%%

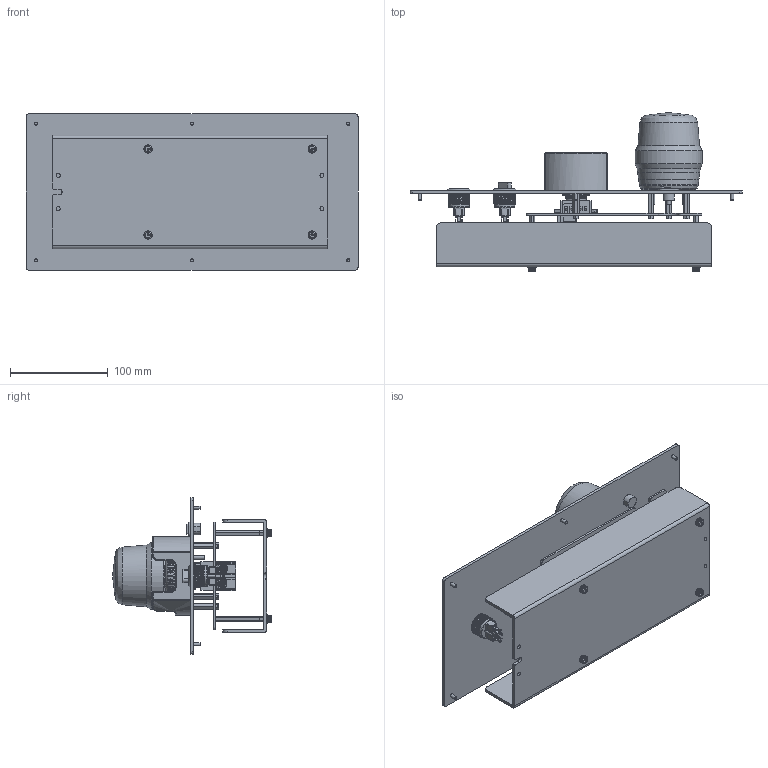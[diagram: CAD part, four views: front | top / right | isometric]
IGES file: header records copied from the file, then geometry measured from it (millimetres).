
Global section: file name: 2022.07.14_TWC-TX-STA-PNL; native system: Autodesk Inventor 2021; preprocessor: unknown; author: eunsol jang; date: 20220714.173812; units: inch
Bounding box: 340 x 162.55 x 160 mm (x, y, z)
Volume: 724792.5 mm3; surface area: 330556.4 mm2
Topology: 7 solids, 7 shells, 5518 faces, 15218 edges, 10108 vertices
Faces by surface type: bspline 5518
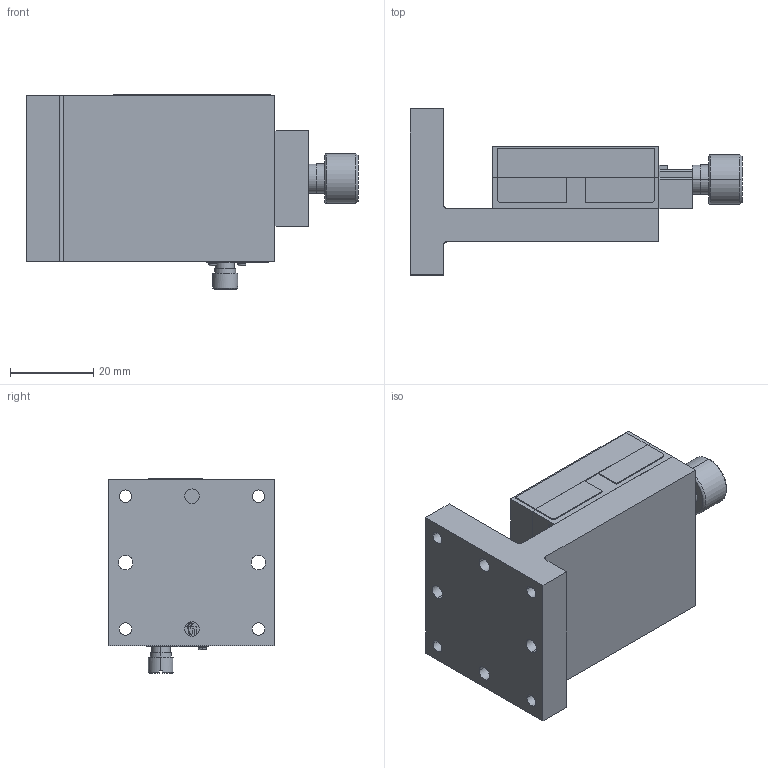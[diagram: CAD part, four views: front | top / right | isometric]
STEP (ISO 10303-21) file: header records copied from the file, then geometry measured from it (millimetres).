
FILE_DESCRIPTION (( 'STEP AP203' ), '1' );
FILE_NAME ('MC4A-40.STEP', '2008-07-19T07:13:39', ( 'user' ), ( '' ), 'SwSTEP 2.0', 'SolidWorks 2007', '' );
FILE_SCHEMA (( 'CONFIG_CONTROL_DESIGN' ));
Length unit declared in the file: millimetre
Products named in the file (1): MC4A-40
Bounding box: 80 x 40 x 46.95 mm (x, y, z)
Volume: 54529 mm3; surface area: 23694.1 mm2
Topology: 13 solids, 13 shells, 648 faces, 1683 edges, 1101 vertices
Faces by surface type: plane 378, cylinder 156, bspline 80, cone 28, torus 6
Entity records: 24247 total; most frequent: CARTESIAN_POINT 8617, ORIENTED_EDGE 3326, DIRECTION 2956, EDGE_CURVE 1663, VECTOR 1124, LINE 1124, VERTEX_POINT 1101, AXIS2_PLACEMENT_3D 916

%%

Type the entries above out again exactly, with no pictures.

[diagram: CAD part, four views: front | top / right | isometric]
IGES file: header records copied from the file, then geometry measured from it (millimetres).
Global section: file name: 2022.07.14_TWC-TX-STA-PNL; native system: Autodesk Inventor 2021; preprocessor: unknown; author: eunsol jang; date: 20220714.173812; units: inch
Bounding box: 340 x 162.55 x 160 mm (x, y, z)
Volume: 724792.5 mm3; surface area: 330556.4 mm2
Topology: 7 solids, 7 shells, 5518 faces, 15218 edges, 10108 vertices
Faces by surface type: bspline 5518
[diagram: CAD part, four views: front | top / right | isometric]
STEP (ISO 10303-21) file: header records copied from the file, then geometry measured from it (millimetres).
FILE_DESCRIPTION (( 'STEP AP203' ), '1' );
FILE_NAME ('MC4A-40.STEP', '2008-07-19T07:13:39', ( 'user' ), ( '' ), 'SwSTEP 2.0', 'SolidWorks 2007', '' );
FILE_SCHEMA (( 'CONFIG_CONTROL_DESIGN' ));
Length unit declared in the file: millimetre
Products named in the file (1): MC4A-40
Bounding box: 80 x 40 x 46.95 mm (x, y, z)
Volume: 54529 mm3; surface area: 23694.1 mm2
Topology: 13 solids, 13 shells, 648 faces, 1683 edges, 1101 vertices
Faces by surface type: plane 378, cylinder 156, bspline 80, cone 28, torus 6
Entity records: 24247 total; most frequent: CARTESIAN_POINT 8617, ORIENTED_EDGE 3326, DIRECTION 2956, EDGE_CURVE 1663, VECTOR 1124, LINE 1124, VERTEX_POINT 1101, AXIS2_PLACEMENT_3D 916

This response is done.